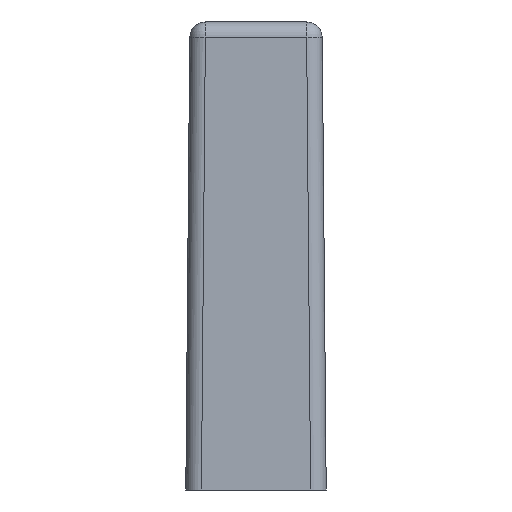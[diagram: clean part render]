
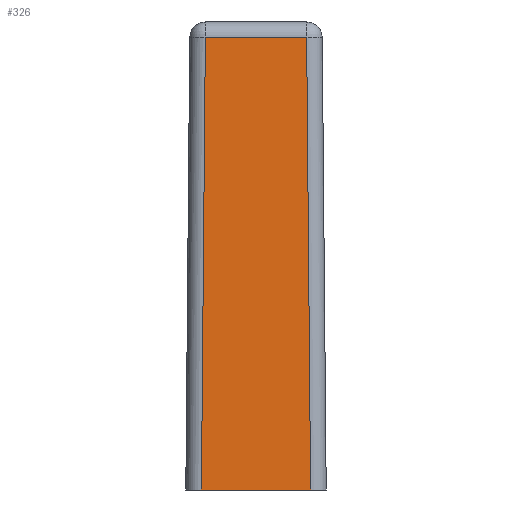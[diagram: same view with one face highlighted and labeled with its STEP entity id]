
A CAD part, front view. The second image highlights one B-rep face of the part: STEP entity #326.
In plain terms, the highlighted planar face has unit normal (0, -1, 0.018).
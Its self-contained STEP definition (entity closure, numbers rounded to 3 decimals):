
#326 = ADVANCED_FACE( '', ( #660 ), #661, .F. );
#660 = FACE_OUTER_BOUND( '', #1293, .T. );
#661 = PLANE( '', #1294 );
#1293 = EDGE_LOOP( '', ( #2141, #2142, #2143, #2144 ) );
#1294 = AXIS2_PLACEMENT_3D( '', #2145, #2146, #2147 );
#2141 = ORIENTED_EDGE( '', *, *, #2738, .F. );
#2142 = ORIENTED_EDGE( '', *, *, #2595, .F. );
#2143 = ORIENTED_EDGE( '', *, *, #2496, .F. );
#2144 = ORIENTED_EDGE( '', *, *, #2739, .F. );
#2145 = CARTESIAN_POINT( '', ( 5., -260.501, 0. ) );
#2146 = DIRECTION( '', ( 0., 1., -0.017 ) );
#2147 = DIRECTION( '', ( 0., -0.017, -1. ) );
#2496 = EDGE_CURVE( '', #2936, #2937, #2938, .F. );
#2595 = EDGE_CURVE( '', #2937, #3088, #3091, .T. );
#2738 = EDGE_CURVE( '', #3088, #3278, #3279, .T. );
#2739 = EDGE_CURVE( '', #3278, #2936, #3280, .T. );
#2936 = VERTEX_POINT( '', #3542 );
#2937 = VERTEX_POINT( '', #3543 );
#2938 = LINE( '', #3544, #3545 );
#3088 = VERTEX_POINT( '', #3764 );
#3091 = LINE( '', #3767, #3768 );
#3278 = VERTEX_POINT( '', #4061 );
#3279 = LINE( '', #4062, #4063 );
#3280 = LINE( '', #4064, #4065 );
#3542 = CARTESIAN_POINT( '', ( -3.247, -259.994, 29.017 ) );
#3543 = CARTESIAN_POINT( '', ( 3.247, -259.994, 29.017 ) );
#3544 = CARTESIAN_POINT( '', ( 5., -259.994, 29.017 ) );
#3545 = VECTOR( '', #4222, 1000. );
#3764 = CARTESIAN_POINT( '', ( 3.5, -260.501, 0. ) );
#3767 = CARTESIAN_POINT( '', ( 3.5, -260.501, -0.013 ) );
#3768 = VECTOR( '', #4338, 1000. );
#4061 = CARTESIAN_POINT( '', ( -3.5, -260.501, 0. ) );
#4062 = CARTESIAN_POINT( '', ( 5., -260.501, 0. ) );
#4063 = VECTOR( '', #4454, 1000. );
#4064 = CARTESIAN_POINT( '', ( -3.499, -260.499, 0.074 ) );
#4065 = VECTOR( '', #4455, 1000. );
#4222 = DIRECTION( '', ( -1., 0., 0. ) );
#4338 = DIRECTION( '', ( 0.009, -0.017, -1. ) );
#4454 = DIRECTION( '', ( -1., 0., 0. ) );
#4455 = DIRECTION( '', ( 0.009, 0.017, 1. ) );
--*--
→ **Task description**
With the pictures removed, set down the entire listing exactly.

→ **Answer box**
[diagram: clean part render]
[diagram: same view with one face highlighted and labeled with its STEP entity id]
A CAD part, front view. The second image highlights one B-rep face of the part: STEP entity #326.
In plain terms, the highlighted planar face has unit normal (0, -1, 0.018).
Its self-contained STEP definition (entity closure, numbers rounded to 3 decimals):
#326 = ADVANCED_FACE( '', ( #660 ), #661, .F. );
#660 = FACE_OUTER_BOUND( '', #1293, .T. );
#661 = PLANE( '', #1294 );
#1293 = EDGE_LOOP( '', ( #2141, #2142, #2143, #2144 ) );
#1294 = AXIS2_PLACEMENT_3D( '', #2145, #2146, #2147 );
#2141 = ORIENTED_EDGE( '', *, *, #2738, .F. );
#2142 = ORIENTED_EDGE( '', *, *, #2595, .F. );
#2143 = ORIENTED_EDGE( '', *, *, #2496, .F. );
#2144 = ORIENTED_EDGE( '', *, *, #2739, .F. );
#2145 = CARTESIAN_POINT( '', ( 5., -260.501, 0. ) );
#2146 = DIRECTION( '', ( 0., 1., -0.017 ) );
#2147 = DIRECTION( '', ( 0., -0.017, -1. ) );
#2496 = EDGE_CURVE( '', #2936, #2937, #2938, .F. );
#2595 = EDGE_CURVE( '', #2937, #3088, #3091, .T. );
#2738 = EDGE_CURVE( '', #3088, #3278, #3279, .T. );
#2739 = EDGE_CURVE( '', #3278, #2936, #3280, .T. );
#2936 = VERTEX_POINT( '', #3542 );
#2937 = VERTEX_POINT( '', #3543 );
#2938 = LINE( '', #3544, #3545 );
#3088 = VERTEX_POINT( '', #3764 );
#3091 = LINE( '', #3767, #3768 );
#3278 = VERTEX_POINT( '', #4061 );
#3279 = LINE( '', #4062, #4063 );
#3280 = LINE( '', #4064, #4065 );
#3542 = CARTESIAN_POINT( '', ( -3.247, -259.994, 29.017 ) );
#3543 = CARTESIAN_POINT( '', ( 3.247, -259.994, 29.017 ) );
#3544 = CARTESIAN_POINT( '', ( 5., -259.994, 29.017 ) );
#3545 = VECTOR( '', #4222, 1000. );
#3764 = CARTESIAN_POINT( '', ( 3.5, -260.501, 0. ) );
#3767 = CARTESIAN_POINT( '', ( 3.5, -260.501, -0.013 ) );
#3768 = VECTOR( '', #4338, 1000. );
#4061 = CARTESIAN_POINT( '', ( -3.5, -260.501, 0. ) );
#4062 = CARTESIAN_POINT( '', ( 5., -260.501, 0. ) );
#4063 = VECTOR( '', #4454, 1000. );
#4064 = CARTESIAN_POINT( '', ( -3.499, -260.499, 0.074 ) );
#4065 = VECTOR( '', #4455, 1000. );
#4222 = DIRECTION( '', ( -1., 0., 0. ) );
#4338 = DIRECTION( '', ( 0.009, -0.017, -1. ) );
#4454 = DIRECTION( '', ( -1., 0., 0. ) );
#4455 = DIRECTION( '', ( 0.009, 0.017, 1. ) );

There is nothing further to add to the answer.